BEGIN

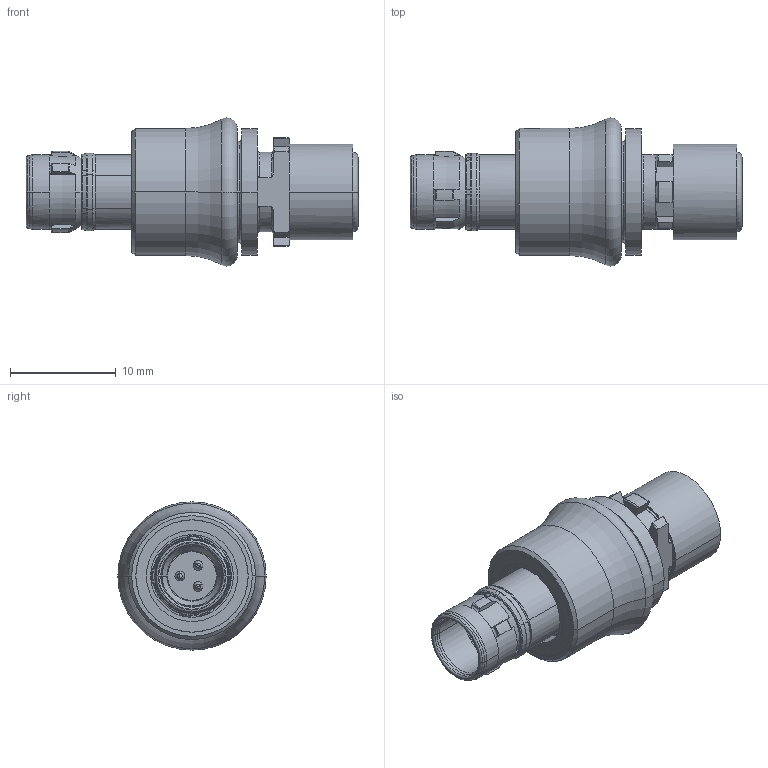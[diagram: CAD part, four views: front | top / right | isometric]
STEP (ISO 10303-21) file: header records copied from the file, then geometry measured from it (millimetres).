
FILE_DESCRIPTION((''),'2;1');
FILE_NAME('S10Y_R-P03XJG0-0000','2020-10-27T07:08:39',('EUnterhaslberger'),(''),'CREO PARAMETRIC BY PTC INC, 2018300','CREO PARAMETRIC BY PTC INC, 2018300','');
FILE_SCHEMA(('AP242_MANAGED_MODEL_BASED_3D_ENGINEERING_MIM_LF { 1 0 10303 442 1 1 4 }'));
Length unit declared in the file: millimetre
Products named in the file (1): S10Y_R-P03XJG0-0000
Bounding box: 31.35 x 14 x 14 mm (x, y, z)
Volume: 1608.2 mm3; surface area: 3548.7 mm2
Topology: 1 solids, 2 shells, 636 faces, 1706 edges, 1077 vertices
Faces by surface type: cylinder 169, plane 153, torus 149, cone 110, revolution 43, bspline 6, sphere 6
Entity records: 26086 total; most frequent: CARTESIAN_POINT 5426, DIRECTION 3448, ORIENTED_EDGE 3388, EDGE_CURVE 1694, AXIS2_PLACEMENT_3D 1450, VERTEX_POINT 1077, CIRCLE 863, EDGE_LOOP 681
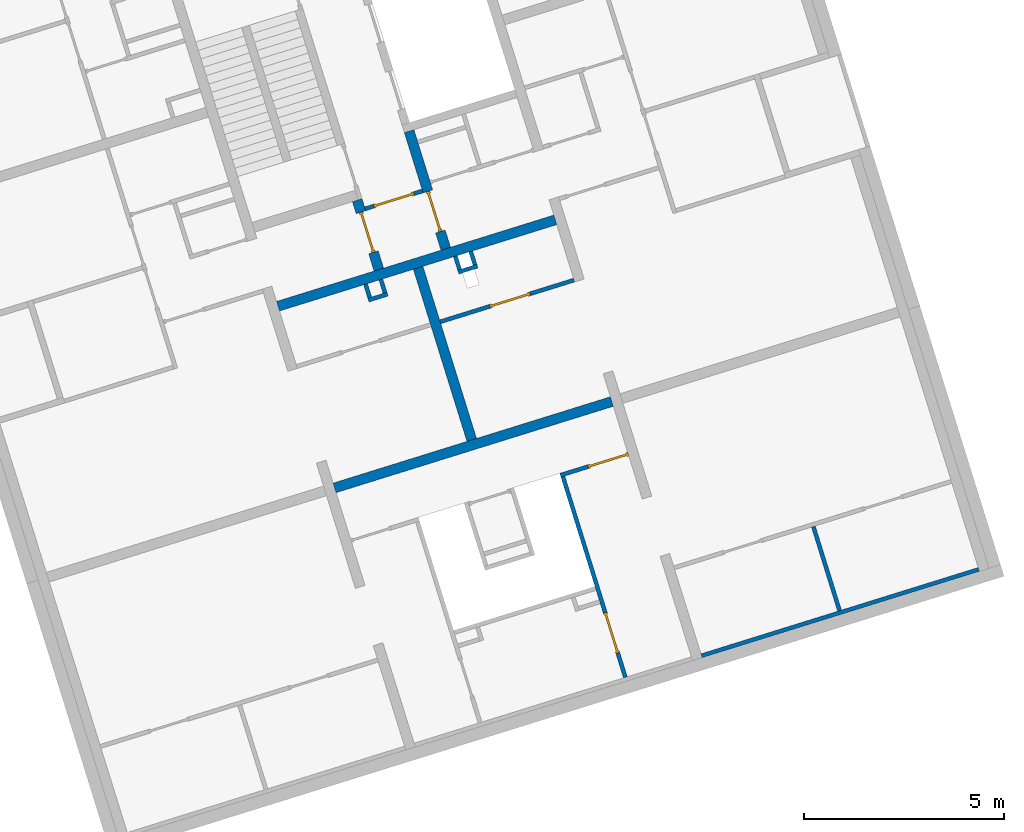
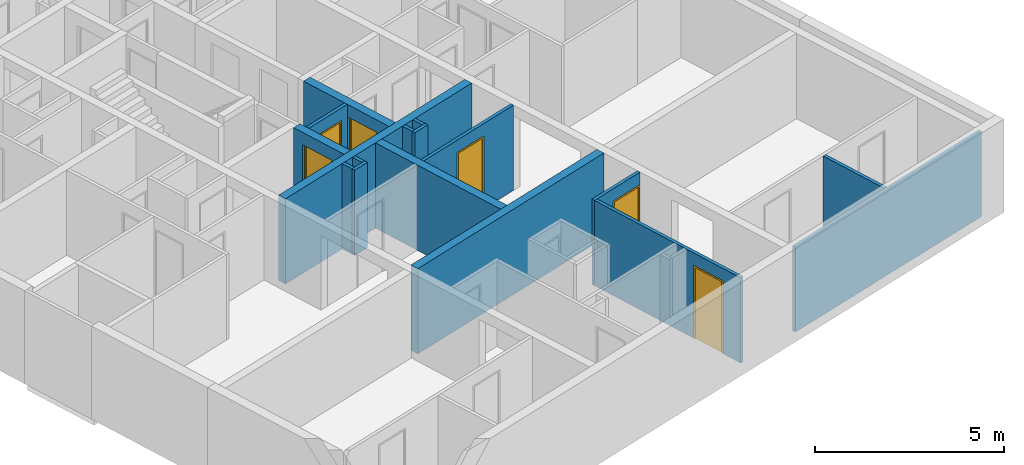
# One storey, part 3 of 12: 17 walls, 6 doors, 7 openings.
"""IFC4 building model written with IfcOpenShell, lengths in metres."""

from ifc_helpers import new_model, entity, si_unit, converted_unit, direction, frame, origin, place, context, subcontext, project, spatial, indexed_curve, outline, extrude, polygons, source, transform, mapped, material, constituent, constituent_set, type_object, type_shapes, element, fill, save


model = new_model("IFC4")

# Units and contexts
model_context = context("Model", 3, precision=1e-05, world=origin(), true_north=direction((6.12323399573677e-17, 1.0)))
body_context = subcontext(model_context, "Body", "Model", "MODEL_VIEW")
ifc_project = project(units=[si_unit("LENGTHUNIT", "METRE"), si_unit("AREAUNIT", "SQUARE_METRE"), converted_unit("PLANEANGLEUNIT", "DEGREE", entity("IfcPlaneAngleMeasure", 0.0174532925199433), si_unit("PLANEANGLEUNIT", "RADIAN"), dimensions=[0, 0, 0, 0, 0, 0, 0]), si_unit("VOLUMEUNIT", "CUBIC_METRE")], contexts=[model_context])

# Site, building, storey
site_placement = place(None, frame((13.1347999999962, 11.9886000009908, 0.0), z_axis=(0.0, 0.0, 1.0), x_axis=(0.954770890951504, 0.297342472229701, 0.0)))
site = spatial("IfcSite", under=ifc_project, at=site_placement, Name="Schiehaven", CompositionType="ELEMENT")
building_placement = place(site_placement, origin())
building = spatial("IfcBuilding", under=site, at=building_placement, Name="VORM huis", CompositionType="ELEMENT")
storey_placement = place(building_placement, frame((0.0, 0.0, 3.9)))
storey = spatial("IfcBuildingStorey", under=building, at=storey_placement, Name="01 eerste verdieping", CompositionType="ELEMENT", Elevation=3.9)

# Walls
ifc_material_1 = material(Name="beton_gewapend_ihw", Category="Miscellaneous")
wall_type_1 = type_object("IfcWallType", Name="Basic Wall:28_WA_skelet_wand 250mm_gen", PredefinedType="STANDARD")
wall_1_placement = place(storey_placement, frame((65.1250000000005, 11.9, 0.0)))
element("IfcWall", 1, at=wall_1_placement, inside=storey, type_object=wall_type_1, material=ifc_material_1, Name="Constructieve wand", ObjectType="Wand", PredefinedType="NOTDEFINED", context=body_context, shape_type="SweptSolid", body=[
    extrude(outline(indexed_curve([(7.24999999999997, 0.124999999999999), (1.55325075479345e-16, 0.125), (-1.55325075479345e-16, -0.125), (7.24999999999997, -0.125), (7.24999999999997, 0.124999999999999)], self_intersect=False)), origin(), (0.0, 0.0, 1.0), 2.75),
])
ifc_material_2 = material(Name="ntb_ntb_ntb", Category="Miscellaneous")
wall_type_2 = type_object("IfcWallType", Name="Basic Wall:21_WA_gevel_binnenspouwwand 100mm_gen", PredefinedType="STANDARD")
wall_2_placement = place(storey_placement, frame((79.8750000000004, 0.425000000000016, 0.0), z_axis=(0.0, 0.0, 1.0), x_axis=(-1.0, 0.0, 0.0)))
element("IfcWall", 2, at=wall_2_placement, inside=storey, type_object=wall_type_2, material=ifc_material_2, Name="Binnenspouwblad", ObjectType="Wand", PredefinedType="NOTDEFINED", context=body_context, shape_type="SweptSolid", body=[
    extrude(outline(indexed_curve([(7.24999999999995, 0.05), (1.85806403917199e-16, 0.05), (-1.85806403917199e-16, -0.05), (7.24999999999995, -0.05), (7.24999999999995, 0.05)], self_intersect=False)), origin(), (0.0, 0.0, 1.0), 2.75),
])
wall_type_3 = type_object("IfcWallType", Name="Basic Wall:22_WA_afbouw_binnenwand 250mm_gen", PredefinedType="STANDARD")
wall_3_placement = place(storey_placement, frame((68.7500000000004, 11.775, 0.0), z_axis=(0.0, 0.0, 1.0), x_axis=(0.0, -1.0, 0.0)))
element("IfcWall", 3, at=wall_3_placement, inside=storey, type_object=wall_type_3, material=ifc_material_2, Name="Binnenwand", ObjectType="Wand", PredefinedType="NOTDEFINED", context=body_context, shape_type="SweptSolid", body=[
    extrude(outline(indexed_curve([(4.49999999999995, 0.125000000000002), (3.71478537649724e-16, 0.124999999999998), (-3.71478537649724e-16, -0.124999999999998), (4.49999999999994, -0.124999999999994), (4.49999999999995, 0.125000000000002)], self_intersect=False)), origin(), (0.0, 0.0, 1.0), 2.75),
])

# Wall, opening, door
wall_4_placement = place(storey_placement, frame((67.8000000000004, 13.84, 0.0), z_axis=(0.0, 0.0, 1.0), x_axis=(0.0, -1.0, 0.0)))
wall_4 = element("IfcWall", 4, at=wall_4_placement, inside=storey, type_object=wall_type_3, material=ifc_material_2, Name="Binnenwand", ObjectType="Wand", PredefinedType="NOTDEFINED", context=body_context, shape_type="Tessellation", body=[
    polygons([(1.36500000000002, -0.125000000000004, 2.34999999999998), (1.36500000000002, -0.125000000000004, -5.41433564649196e-16), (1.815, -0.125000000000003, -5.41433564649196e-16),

END

● **Work required**
Could you repeat exactly the lines from the first one of the records above through the line containing "Products named in", leaving out any pictures?

● **Task response**
[diagram: CAD part, four views: front | top / right | isometric]
STEP (ISO 10303-21) file: header records copied from the file, then geometry measured from it (millimetres).
FILE_DESCRIPTION((''),'2;1');
FILE_NAME('S10Y_R-P03XJG0-0000','2020-10-27T07:08:39',('EUnterhaslberger'),(''),'CREO PARAMETRIC BY PTC INC, 2018300','CREO PARAMETRIC BY PTC INC, 2018300','');
FILE_SCHEMA(('AP242_MANAGED_MODEL_BASED_3D_ENGINEERING_MIM_LF { 1 0 10303 442 1 1 4 }'));
Length unit declared in the file: millimetre
Products named in the file (1): S10Y_R-P03XJG0-0000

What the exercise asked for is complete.